## TASK INSTRUCTIONS
All lines below containing "under" are to be listed.

■ ■ ■

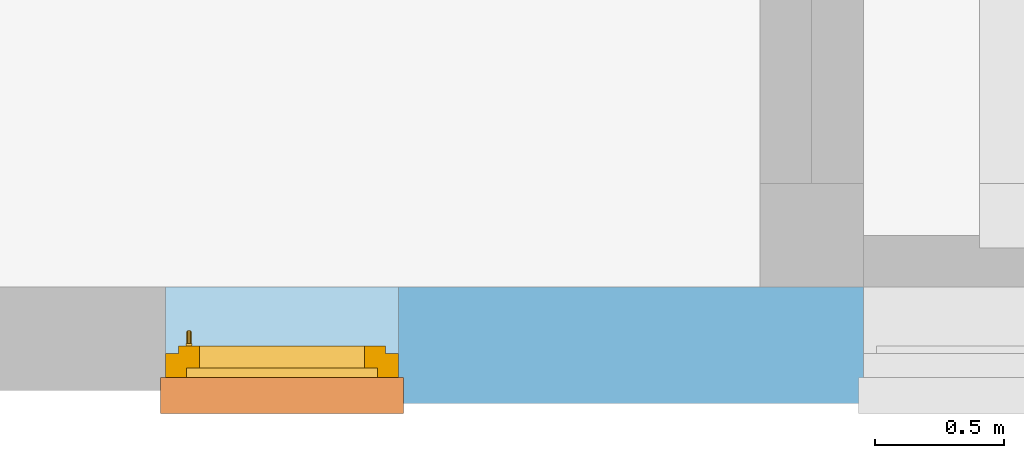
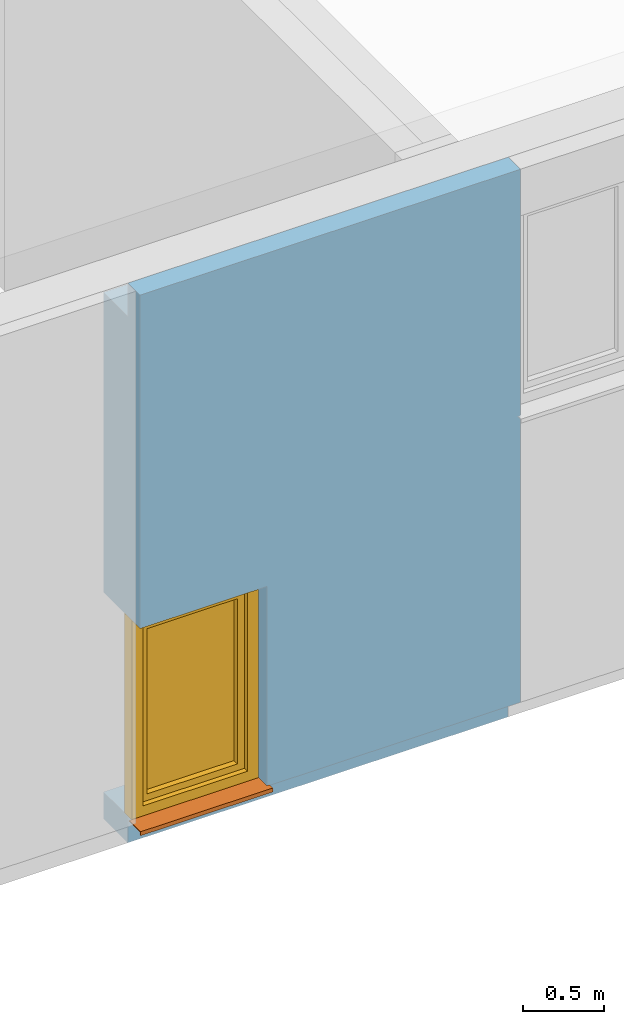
# One storey, part 11 of 17: 1 proxy, 1 window, 1 opening, plus 1 element that does not belong to this part.
"""IFC4 building model written with IfcOpenShell, lengths in metres."""

from ifc_helpers import new_model, entity, si_unit, converted_unit, derived_unit, frame, frame_2d, origin, origin_with_axes, place, context, subcontext, project, spatial, polyline, rectangle, outline, extrude, clip, bounded_halfspace, closed_shell, open_shell, faceted_brep, surface_model, source, transform, mapped, material, layer, layer_set, layer_usage, element, fill, save


model = new_model("IFC4")

# Units and contexts
model_context = context("Model", 3, precision=1e-05, world=origin())
body_context = subcontext(model_context, "Body", "Model", "MODEL_VIEW")
ifc_project = project(units=[si_unit("LENGTHUNIT", "METRE"), si_unit("AREAUNIT", "SQUARE_METRE"), si_unit("VOLUMEUNIT", "CUBIC_METRE"), si_unit("MASSUNIT", "GRAM", prefix="KILO"), converted_unit("PLANEANGLEUNIT", "DEGREE", entity("IfcPlaneAngleMeasure", 0.0174532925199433), si_unit("PLANEANGLEUNIT", "RADIAN"), dimensions=[0, 0, 0, 0, 0, 0, 0]), derived_unit("THERMALTRANSMITTANCEUNIT", [(si_unit("POWERUNIT", "WATT"), 1), (si_unit("THERMODYNAMICTEMPERATUREUNIT", "KELVIN"), -1), (si_unit("LENGTHUNIT", "METRE"), -2)]), derived_unit("VOLUMETRICFLOWRATEUNIT", [(si_unit("LENGTHUNIT", "METRE"), 3), (converted_unit("TIMEUNIT", "hour", entity("IfcTimeMeasure", 3600.0), si_unit("TIMEUNIT", "SECOND"), dimensions=[0, 0, 1, 0, 0, 0, 0]), -1), (si_unit("LENGTHUNIT", "METRE"), -1)])], contexts=[model_context])

# Site, building, storey
site_placement = place(None, origin())
site = spatial("IfcSite", under=ifc_project, at=site_placement, Name="3. ASŘ", CompositionType="ELEMENT")
building_placement = place(site_placement, origin())
building = spatial("IfcBuilding", under=site, at=building_placement, Name="Pavilon C", CompositionType="ELEMENT")
storey_placement = place(building_placement, frame((0.0, 0.0, 13.8)))
storey = spatial("IfcBuildingStorey", under=building, at=storey_placement, Name="Půdorys 5.NP", CompositionType="ELEMENT", Elevation=13.8)

# Wall, opening, window, proxy
ifc_material_1 = material(Name="EPS")
ifc_layer_1 = layer(ifc_material_1, 0.15)
ifc_material_2 = material(Name="PLYNOSILIKÁT")
ifc_layer_2 = layer(ifc_material_2, 0.300000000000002)
ifc_layer_set = layer_set([ifc_layer_1, ifc_layer_2])
ifc_layer_usage = layer_usage(ifc_layer_set, "AXIS2", "POSITIVE", -0.15)
wall_placement = place(storey_placement, frame((32.15, -4.65, -0.1), z_axis=(0.0, 0.0, 1.0), x_axis=(1.0, -3.36849889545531e-16, 0.0)))
wall = element("IfcWall", 1, at=wall_placement, inside=storey, material=ifc_layer_usage, Name="PLYNOSILIKÁT", context=body_context, shape_type="Clipping", body=[
    clip(clip(extrude(rectangle(XDim=2.69999999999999, YDim=0.450000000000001, at=frame_2d((1.34999999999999, 0.225), x_axis=(1.0, 0.0))), origin_with_axes(), (0.0, 0.0, 1.0), 4.2), bounded_halfspace(frame((1.34999999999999, 0.0749999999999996, 0.2), z_axis=(0.0, 0.0, 1.0), x_axis=(3.36849889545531e-16, -1.0, 0.0)), True, origin_with_axes(), polyline([(-5.05274834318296e-17, 0.15), (0.0, 0.0), (2.69999999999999, 0.0), (2.69999999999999, 0.15), (-5.05274834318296e-17, 0.15)]))), bounded_halfspace(frame((1.34999999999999, 0.300000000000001, 3.95), z_axis=(0.0, 0.0, -1.0), x_axis=(1.0, 0.0, 0.0)), True, origin_with_axes(), polyline([(-5.05274834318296e-17, 0.15), (2.69999999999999, 0.15), (2.69999999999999, 0.450000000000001), (-1.51582450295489e-16, 0.450000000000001), (-5.05274834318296e-17, 0.15)]))),
])
opening_placement = place(wall_placement, frame((0.0, 0.0, 0.2), z_axis=(-3.36849889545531e-16, 1.0, 0.0), x_axis=(0.0, 0.0, 1.0)))
opening = element("IfcOpeningElement", 2, at=opening_placement, cuts=wall, Name="Okenní otvor", ObjectType="Opening", context=body_context, shape_type="SweptSolid", body=[
    extrude(outline(polyline([(0.0, 0.9), (1.5, 0.9), (1.5, 0.0), (0.0, 0.0), (0.0, 0.9)])), origin_with_axes(), (0.0, 0.0, 1.0), 0.15),
    extrude(outline(polyline([(0.0, 0.9), (1.5, 0.9), (1.5, 0.0), (0.0, 0.0), (0.0, 0.9)])), frame((0.0, 0.0, 0.15), z_axis=(0.0, 0.0, 1.0), x_axis=(1.0, 0.0, 0.0)), (0.0, 0.0, 1.0), 0.300000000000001),
])
shared_shape_1 = source(origin_with_axes(), body_context, "Body", "SurfaceModel", [
    surface_model("IfcShellBasedSurfaceModel", [(0.0, 0.182, 1.5), (0.0, 0.182, -5.63337527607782e-18), (0.08, 0.182, -5.63337527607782e-18), (0.08, 0.182, 1.5), (0.0, 0.0899999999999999, 5.63337527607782e-18), (0.0, 0.0900000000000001, 1.5), (0.08, 0.0900000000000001, 1.5), (0.08, 0.0899999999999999, 5.63337527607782e-18)], [closed_shell([[[0, 1, 2, 3]], [[4, 5, 6, 7]], [[1, 0, 5, 4]], [[2, 1, 4, 7]], [[3, 2, 7, 6]], [[0, 3, 6, 5]]], orient=[[False], [False], [False], [False], [False], [False]])]),
    surface_model("IfcShellBasedSurfaceModel", [(0.82, 0.182, 1.5), (0.82, 0.182, -5.63337527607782e-18), (0.9, 0.182, -5.63337527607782e-18), (0.9, 0.182, 1.5), (0.82, 0.0899999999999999, 5.63337527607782e-18), (0.82, 0.0900000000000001, 1.5), (0.9, 0.0900000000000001, 1.5), (0.9, 0.0899999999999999, 5.63337527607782e-18)], [closed_shell([[[0, 1, 2, 3]], [[4, 5, 6, 7]], [[1, 0, 5, 4]], [[2, 1, 4, 7]], [[3, 2, 7, 6]], [[0, 3, 6, 5]]], orient=[[False], [False], [False], [False], [False], [False]])]),
    surface_model("IfcShellBasedSurfaceModel", [(0.08, 0.182, 0.08), (0.08, 0.182, -5.63337527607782e-18), (0.82, 0.182, -5.63337527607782e-18), (0.82, 0.182, 0.08), (0.08, 0.0899999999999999, 5.63337527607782e-18), (0.08, 0.0899999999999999, 0.08), (0.82, 0.0899999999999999, 0.08), (0.82, 0.0899999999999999, 5.63337527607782e-18)], [closed_shell([[[0, 1, 2, 3]], [[4, 5, 6, 7]], [[1, 0, 5, 4]], [[2, 1, 4, 7]], [[3, 2, 7, 6]], [[0, 3, 6, 5]]], orient=[[False], [False], [False], [False], [False], [False]])]),
    surface_model("IfcShellBasedSurfaceModel", [(0.08, 0.182, 1.5), (0.08, 0.182, 1.42), (0.82, 0.182, 1.42), (0.82, 0.182, 1.5), (0.08, 0.0900000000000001, 1.42), (0.08, 0.0900000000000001, 1.5), (0.82, 0.0900000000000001, 1.5), (0.82, 0.0900000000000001, 1.42)], [closed_shell([[[0, 1, 2, 3]], [[4, 5, 6, 7]], [[1, 0, 5, 4]], [[2, 1, 4, 7]], [[3, 2, 7, 6]], [[0, 3, 6, 5]]], orient=[[False], [False], [False], [False], [False], [False]])]),
    surface_model("IfcShellBasedSurfaceModel", [(0.05, 0.145, 1.45), (0.05, 0.145, 0.05), (0.13, 0.145, 0.05), (0.13, 0.145, 1.45), (0.05, 0.0599999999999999, 0.05), (0.05, 0.0600000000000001, 1.45), (0.13, 0.0600000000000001, 1.45), (0.13, 0.0599999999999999, 0.05)], [closed_shell([[[0, 1, 2, 3]], [[4, 5, 6, 7]], [[1, 0, 5, 4]], [[2, 1, 4, 7]], [[3, 2, 7, 6]], [[0, 3, 6, 5]]], orient=[[False], [False], [False], [False], [False], [False]])]),
    surface_model("IfcShellBasedSurfaceModel", [(0.77, 0.145, 1.45), (0.77, 0.145, 0.05), (0.85, 0.145, 0.05), (0.85, 0.145, 1.45), (0.77, 0.0599999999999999, 0.05), (0.77, 0.0600000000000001, 1.45), (0.85, 0.0600000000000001, 1.45), (0.85, 0.0599999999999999, 0.05)], [closed_shell([[[0, 1, 2, 3]], [[4, 5, 6, 7]], [[1, 0, 5, 4]], [[2, 1, 4, 7]], [[3, 2, 7, 6]], [[0, 3, 6, 5]]], orient=[[False], [False], [False], [False], [False], [False]])]),
    surface_model("IfcShellBasedSurfaceModel", [(0.13, 0.145, 0.13), (0.13, 0.145, 0.05), (0.77, 0.145, 0.05), (0.77, 0.145, 0.13), (0.13, 0.0599999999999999, 0.05), (0.13, 0.0599999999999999, 0.13), (0.77, 0.0599999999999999, 0.13), (0.77, 0.0599999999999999, 0.05)], [closed_shell([[[0, 1, 2, 3]], [[4, 5, 6, 7]], [[1, 0, 5, 4]], [[2, 1, 4, 7]], [[3, 2, 7, 6]], [[0, 3, 6, 5]]], orient=[[False], [False], [False], [False], [False], [False]])]),
    surface_model("IfcShellBasedSurfaceModel", [(0.13, 0.145, 1.45), (0.13, 0.145, 1.37), (0.77, 0.145, 1.37), (0.77, 0.145, 1.45), (0.13, 0.0600000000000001, 1.37), (0.13, 0.0600000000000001, 1.45), (0.77, 0.0600000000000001, 1.45), (0.77, 0.0600000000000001, 1.37)], [closed_shell([[[0, 1, 2, 3]], [[4, 5, 6, 7]], [[1, 0, 5, 4]], [[2, 1, 4, 7]], [[3, 2, 7, 6]], [[0, 3, 6, 5]]], orient=[[False], [False], [False], [False], [False], [False]])]),
    surface_model("IfcShellBasedSurfaceModel", [(0.0775, 0.06, 0.77), (0.0775, 0.06, 0.73), (0.1025, 0.06, 0.73), (0.1025, 0.06, 0.77), (0.0775, 0.05, 0.73), (0.0775, 0.05, 0.77), (0.1025, 0.05, 0.77), (0.1025, 0.05, 0.73)], [closed_shell([[[0, 1, 2, 3]], [[4, 5, 6, 7]], [[1, 0, 5, 4]], [[2, 1, 4, 7]], [[3, 2, 7, 6]], [[0, 3, 6, 5]]], orient=[[False], [False], [False], [False], [False], [False]])]),
    surface_model("IfcShellBasedSurfaceModel", [(0.1, 0.05, 0.75), (0.0986602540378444, 0.05, 0.755), (0.095, 0.05, 0.758660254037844), (0.09, 0.05, 0.76), (0.085, 0.05, 0.758660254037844), (0.0813397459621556, 0.05, 0.755), (0.08, 0.05, 0.75), (0.0813397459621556, 0.05, 0.745), (0.085, 0.05, 0.741339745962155), (0.09, 0.05, 0.74), (0.095, 0.05, 0.741339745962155), (0.0986602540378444, 0.05, 0.745), (0.1, 0.01, 0.75), (0.0986602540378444, 0.00500000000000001, 0.755), (0.095, 0.00133974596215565, 0.758660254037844), (0.09, 2.8421709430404e-17, 0.76), (0.085, 0.00133974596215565, 0.758660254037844), (0.0813397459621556, 0.00500000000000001, 0.755), (0.08, 0.01, 0.75), (0.0813397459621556, 0.015, 0.745), (0.085, 0.0186602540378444, 0.741339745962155), (0.09, 0.02, 0.74), (0.095, 0.0186602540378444, 0.741339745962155), (0.0986602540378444, 0.015, 0.745), (0.1, 0.01, 0.635), (0.0986602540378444, 0.005, 0.635), (0.095, 0.00133974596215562, 0.635), (0.09, 0.0, 0.635), (0.085, 0.00133974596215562, 0.635), (0.0813397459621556, 0.005, 0.635), (0.08, 0.01, 0.635), (0.0813397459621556, 0.015, 0.635), (0.085, 0.0186602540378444, 0.635), (0.09, 0.02, 0.635), (0.095, 0.0186602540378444, 0.635), (0.0986602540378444, 0.015, 0.635)], [open_shell([[[0, 1, 2, 3, 4, 5, 6, 7, 8, 9, 10, 11]], [[0, 12, 13, 1]], [[1, 13, 14, 2]], [[2, 14, 15, 3]], [[3, 15, 16, 4]], [[4, 16, 17, 5]], [[5, 17, 18, 6]], [[6, 18, 19, 7]], [[7, 19, 20, 8]], [[8, 20, 21, 9]], [[9, 21, 22, 10]], [[10, 22, 23, 11]], [[11, 23, 12, 0]], [[12, 24, 25, 13]], [[13, 25, 26, 14]], [[14, 26, 27, 15]], [[15, 27, 28, 16]], [[16, 28, 29, 17]], [[17, 29, 30, 18]], [[18, 30, 31, 19]], [[19, 31, 32, 20]], [[20, 32, 33, 21]], [[21, 33, 34, 22]], [[22, 34, 35, 23]], [[23, 35, 24, 12]]], orient=[[False], [False], [False], [False], [False], [False], [False], [False], [False], [False], [False], [False], [False], [False], [False], [False], [False], [False], [False], [False], [False], [False], [False], [False], [False]])]),
    surface_model("IfcShellBasedSurfaceModel", [(0.13, 0.1025, 0.13), (0.77, 0.1025, 0.13), (0.77, 0.1025, 1.37), (0.13, 0.1025, 1.37)], [open_shell([[[0, 1, 2, 3]]], orient=[[False]])]),
])
window_placement = place(opening_placement, frame((0.0, 0.0, 0.282), z_axis=(1.0, 0.0, 0.0), x_axis=(0.0, 1.0, -1.22464679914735e-16)))
window = element("IfcWindow", 3, at=window_placement, inside=storey, Name="O06", OverallHeight=1.5, OverallWidth=0.9, PartitioningType="USERDEFINED", PredefinedType="WINDOW", context=body_context, shape_type="MappedRepresentation", body=[
    mapped(shared_shape_1, transform((0.0, 0.0, 0.0), x_axis=(1.0, 0.0, 0.0), y_axis=(0.0, -1.0, 0.0), z_axis=(0.0, 0.0, 1.0), scale=1.0)),
])
fill(opening, window)
ifc_material_3 = material(Name="PLECH")
shared_shape_2 = source(origin_with_axes(), body_context, "Body", "Brep", [
    faceted_brep([(0.0, 0.0, 0.0), (0.0, 0.1, 0.0), (0.0, 0.1, 0.005), (0.0, 0.0, 0.005), (0.9, 0.0, 0.0), (0.9, 0.0, 0.005), (0.9, 0.1, 0.005), (0.9, 0.1, 0.0), (-0.02, 0.0, 0.0), (-0.02, -0.035, 0.0), (0.92, -0.035, 0.0), (0.92, 0.0, 0.0), (0.92, 0.0, 0.005), (0.92, -0.04, 0.005), (-0.02, -0.04, 0.005), (-0.02, 0.0, 0.005), (-0.02, -0.04, -0.025), (-0.02, -0.035, -0.025), (0.92, -0.035, -0.025), (0.92, -0.04, -0.025)], [[[0, 1, 2, 3]], [[4, 5, 6, 7]], [[1, 0, 8, 9, 10, 11, 4, 7]], [[2, 1, 7, 6]], [[3, 2, 6, 5, 12, 13, 14, 15]], [[8, 15, 14, 16, 17, 9]], [[11, 10, 18, 19, 13, 12]], [[15, 8, 0, 3]], [[5, 4, 11, 12]], [[16, 14, 13, 19]], [[17, 16, 19, 18]], [[9, 17, 18, 10]]], orient=[[False], [False], [False], [False], [False], [False], [False], [False], [False], [False], [False], [False]]),
    faceted_brep([(-0.02, 0.0, 0.0), (-0.02, 0.1, 0.0), (-0.02, 0.1, 0.005), (-0.02, 0.0, 0.005), (0.0, 0.0, 0.0), (0.0, 0.0, 0.005), (0.0, 0.1, 0.005), (0.0, 0.1, 0.0)], [[[0, 1, 2, 3]], [[4, 5, 6, 7]], [[1, 0, 4, 7]], [[2, 1, 7, 6]], [[3, 2, 6, 5]], [[0, 3, 5, 4]]], orient=[[False], [False], [False], [False], [False], [False]]),
    faceted_brep([(0.9, 0.0, 0.0), (0.9, 0.1, 0.0), (0.9, 0.1, 0.005), (0.9, 0.0, 0.005), (0.92, 0.0, 0.0), (0.92, 0.0, 0.005), (0.92, 0.1, 0.005), (0.92, 0.1, 0.0)], [[[0, 1, 2, 3]], [[4, 5, 6, 7]], [[1, 0, 4, 7]], [[2, 1, 7, 6]], [[3, 2, 6, 5]], [[0, 3, 5, 4]]], orient=[[False], [False], [False], [False], [False], [False]]),
])
proxy_placement = place(opening_placement, frame((0.0, 0.0, 0.0), z_axis=(1.0, 0.0, 0.0), x_axis=(0.0, 1.0, 0.0)))
proxy = element("IfcBuildingElementProxy", 4, at=proxy_placement, inside=storey, material=ifc_material_3, Name="Parapet vnější", context=body_context, shape_type="MappedRepresentation", body=[
    mapped(shared_shape_2, transform((0.0, 0.0, 0.0), x_axis=(1.0, 0.0, 0.0), y_axis=(0.0, 1.0, 0.0), z_axis=(0.0, 0.0, 1.0), scale=1.0)),
])
fill(opening, proxy)

save(model, "model.ifc")

■ ■ ■

## OUTPUT FOR THIS TASK
site = spatial("IfcSite", under=ifc_project, at=site_placement, Name="3. ASŘ", CompositionType="ELEMENT")
building = spatial("IfcBuilding", under=site, at=building_placement, Name="Pavilon C", CompositionType="ELEMENT")
storey = spatial("IfcBuildingStorey", under=building, at=storey_placement, Name="Půdorys 5.NP", CompositionType="ELEMENT", Elevation=13.8)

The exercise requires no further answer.